Should be easy to install moboot, but it turns out there was no Google Play store installed in CM10. Yes, I had the gapps-jb.. zip in the cminstall folder, but it didn't get installed.

Also, there was no CWM or TWRP. Now what?

More google-foo found a Google Play store .apk. Thanks to CM10 file manager which can install .apk files, it was happily installed. opening the Play store though just crashed with no error. Turns out you need way more than just the .apk.

So now I'm stuck, can't install gapps, can't flash much of anything without CWM or TWRP and still can't boot right.

Then I remembered goo.im and the awesome app for managing nightlies and other goodies. Browsing around the site I came across a new version of the goo.im app advertized, which was available in the Google Play store. But wait, they also offered an .apk! Bingo!

Installing the goo.im .apk allowed me to install TWRP with which I could flash a new gapps and moboot. Brilliant.

TouchPad 4G now boots on its own, and has the latest 4.2 gapps thanks to another thread here.

The camera works, although I did notice some glitching artifacts when selecting the third camera mode button that looks like this )_(.

I didn't set up the 4G part in webOS through AT&T nor did it seem to have a way to do that in CM10.

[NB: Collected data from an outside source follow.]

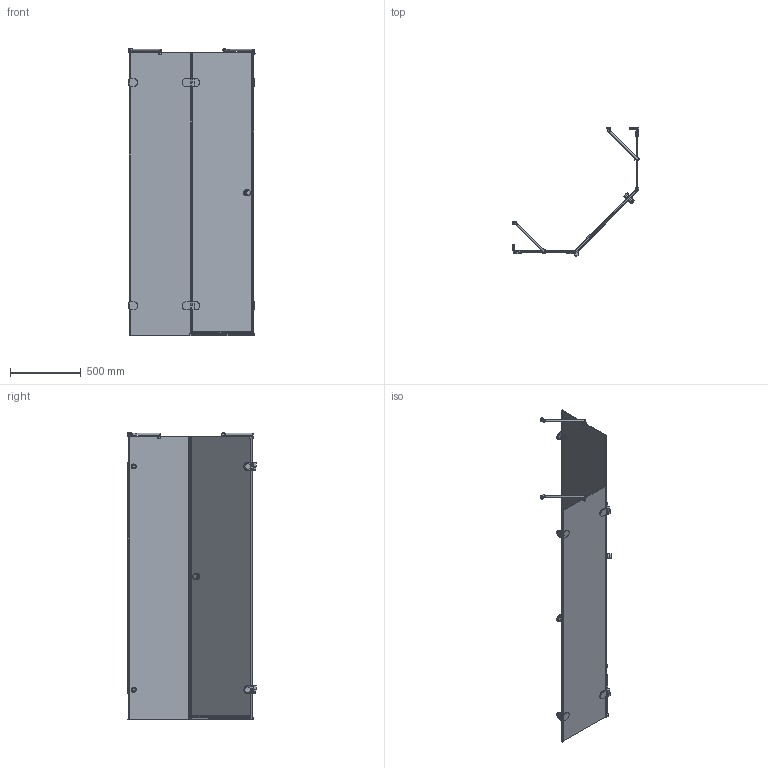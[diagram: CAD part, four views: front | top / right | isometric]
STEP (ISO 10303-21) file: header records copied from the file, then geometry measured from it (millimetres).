
FILE_DESCRIPTION((''),'2;1');
FILE_NAME('E:\Работа\Сергей\Душевые кабинки\! Работа\LUX FESTT GK-001\LUX FESTT GK-001 левая модель\LUX FEST GK-001 ЛЕВАЯ-3D.stp','2017-05-13T15:05:51',('User'),(''),'Autodesk Inventor 2013','Autodesk Inventor 2013','');
FILE_SCHEMA(('CONFIG_CONTROL_DESIGN'));
Length unit declared in the file: millimetre
Products named in the file (1): LUX FEST GK-001 ЛЕВАЯ-3D_Substitute_1
Bounding box: 892.72 x 907.92 x 2031.5 mm (x, y, z)
Volume: 22290438 mm3; surface area: 6350215.1 mm2
Topology: 5 solids, 5 shells, 657 faces, 1616 edges, 994 vertices
Faces by surface type: plane 440, cylinder 159, torus 22, bspline 20, sphere 12, cone 4
Full cylindrical faces by diameter (mm): 12 x2, 15 x2, 20 x4, 26 x2, 35 x4, 38 x4, 40 x4
Entity records: 20379 total; most frequent: CARTESIAN_POINT 4527, DIRECTION 3114, ORIENTED_EDGE 3054, EDGE_CURVE 1527, VECTOR 1092, LINE 1092, AXIS2_PLACEMENT_3D 1011, VERTEX_POINT 964

One thing to note is that the CPU speed is capped at 1.18GHz as reported by the performance section of the settings app. Haven't found a way to tweak it to 1.5GHz yet.

So there it is, a roundabout way of getting CM10 + gapps + moboot installed on the HP TouchPad 4G hardware.

Send from my TouchPad 4G using Tapatalk HD


----------



## nevertells (Oct 29, 2011)

One needs to add "update" without the quotes to the beginning of the Gapps file name or ACME3 will not process it.

One can always unzip cwm or twrp and copy the uImage to the boot folder to install it.

There are several different apps on the playstore that will allow you to increase the cpu settings.

Are you aware of the roms that J.C. Sullins released for 4G TouchPads? They are CM9 though.


----------



## Hunter X (Nov 22, 2012)

The ROMs for the TouchPad 4G released by J.C. Sullins are ancient and not recommended for use. The ROMs you want to use are the ones by NewbyJE; The most recent one is Beta 1. I'm working on getting the gyro (Doregarray is also working on it) working which I will call Beta 2.


----------



## nevertells (Oct 29, 2011)

Hunter X said:


> The ROMs for the TouchPad 4G released by J.C. Sullins are ancient and not recommended for use. The ROMs you want to use are the ones by NewbyJE; The most recent one is Beta 1. I'm working on getting the gyro (Doregarray is also working on it) working which I will call Beta 2.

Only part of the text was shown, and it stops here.